### [Assignment]
Check each line of the records below for the word "Bracket" and give the number of lines that have it, with nothing added.

### [Exercise material]
# # # # # # #
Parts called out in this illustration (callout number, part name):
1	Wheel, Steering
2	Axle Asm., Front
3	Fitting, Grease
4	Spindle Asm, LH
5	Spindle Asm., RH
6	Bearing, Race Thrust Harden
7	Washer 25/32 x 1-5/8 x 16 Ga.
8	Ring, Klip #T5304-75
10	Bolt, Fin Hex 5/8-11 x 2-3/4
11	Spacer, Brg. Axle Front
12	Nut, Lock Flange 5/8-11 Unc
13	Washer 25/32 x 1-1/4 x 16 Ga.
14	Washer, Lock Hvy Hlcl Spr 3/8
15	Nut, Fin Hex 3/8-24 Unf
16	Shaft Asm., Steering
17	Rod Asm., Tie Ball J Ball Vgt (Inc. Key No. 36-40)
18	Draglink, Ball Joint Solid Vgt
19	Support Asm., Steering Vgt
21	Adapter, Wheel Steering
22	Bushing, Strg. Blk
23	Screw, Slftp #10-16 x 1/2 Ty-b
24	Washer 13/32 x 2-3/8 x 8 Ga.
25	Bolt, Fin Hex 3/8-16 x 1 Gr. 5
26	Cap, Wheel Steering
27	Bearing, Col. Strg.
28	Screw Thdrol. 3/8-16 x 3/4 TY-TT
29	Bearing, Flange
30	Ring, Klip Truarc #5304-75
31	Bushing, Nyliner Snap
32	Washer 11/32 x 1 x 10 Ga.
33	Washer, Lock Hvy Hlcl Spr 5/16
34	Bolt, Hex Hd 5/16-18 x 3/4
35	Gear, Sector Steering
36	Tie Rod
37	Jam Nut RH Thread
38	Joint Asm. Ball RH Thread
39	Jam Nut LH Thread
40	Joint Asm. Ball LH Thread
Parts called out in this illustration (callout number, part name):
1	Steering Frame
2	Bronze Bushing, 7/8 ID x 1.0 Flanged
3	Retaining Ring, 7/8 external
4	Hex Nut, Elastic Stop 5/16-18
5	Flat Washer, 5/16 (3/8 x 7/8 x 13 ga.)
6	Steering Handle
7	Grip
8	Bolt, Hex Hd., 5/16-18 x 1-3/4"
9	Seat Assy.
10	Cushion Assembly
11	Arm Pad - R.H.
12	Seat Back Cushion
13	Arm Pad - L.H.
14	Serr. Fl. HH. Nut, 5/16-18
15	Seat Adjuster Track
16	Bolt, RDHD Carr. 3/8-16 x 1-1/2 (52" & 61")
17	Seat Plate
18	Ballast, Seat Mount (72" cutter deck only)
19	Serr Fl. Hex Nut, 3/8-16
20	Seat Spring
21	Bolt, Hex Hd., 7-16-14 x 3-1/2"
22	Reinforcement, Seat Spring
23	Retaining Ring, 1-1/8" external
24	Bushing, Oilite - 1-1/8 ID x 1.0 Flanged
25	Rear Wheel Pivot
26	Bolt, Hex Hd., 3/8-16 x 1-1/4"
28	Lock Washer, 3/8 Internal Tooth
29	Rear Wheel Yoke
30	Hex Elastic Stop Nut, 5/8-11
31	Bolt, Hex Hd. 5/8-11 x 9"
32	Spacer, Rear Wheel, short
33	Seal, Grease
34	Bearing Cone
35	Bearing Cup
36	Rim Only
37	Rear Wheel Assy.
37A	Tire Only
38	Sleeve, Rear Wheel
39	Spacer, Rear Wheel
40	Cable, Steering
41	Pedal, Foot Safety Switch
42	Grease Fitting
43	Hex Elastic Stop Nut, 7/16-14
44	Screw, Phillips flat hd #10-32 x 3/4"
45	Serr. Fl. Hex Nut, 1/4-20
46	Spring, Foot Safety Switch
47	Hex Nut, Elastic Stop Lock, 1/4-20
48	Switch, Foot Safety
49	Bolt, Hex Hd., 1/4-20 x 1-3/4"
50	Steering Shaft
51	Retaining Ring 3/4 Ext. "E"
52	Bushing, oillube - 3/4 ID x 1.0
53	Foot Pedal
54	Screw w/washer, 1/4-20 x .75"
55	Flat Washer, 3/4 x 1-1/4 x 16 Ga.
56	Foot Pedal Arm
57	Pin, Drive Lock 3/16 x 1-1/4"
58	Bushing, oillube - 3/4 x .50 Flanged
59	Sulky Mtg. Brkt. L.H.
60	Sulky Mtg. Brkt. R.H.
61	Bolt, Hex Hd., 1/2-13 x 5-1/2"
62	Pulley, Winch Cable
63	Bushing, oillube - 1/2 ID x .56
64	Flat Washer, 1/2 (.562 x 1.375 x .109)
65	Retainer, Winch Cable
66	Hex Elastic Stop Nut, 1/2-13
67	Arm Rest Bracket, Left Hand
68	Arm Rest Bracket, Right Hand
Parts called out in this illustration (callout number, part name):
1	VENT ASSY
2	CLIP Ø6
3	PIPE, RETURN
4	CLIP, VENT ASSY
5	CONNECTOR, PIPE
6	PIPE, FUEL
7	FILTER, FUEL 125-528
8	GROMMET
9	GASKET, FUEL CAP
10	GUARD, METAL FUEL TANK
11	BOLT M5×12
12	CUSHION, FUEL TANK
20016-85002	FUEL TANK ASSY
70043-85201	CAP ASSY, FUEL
# # # # # # #
### [Result below]
2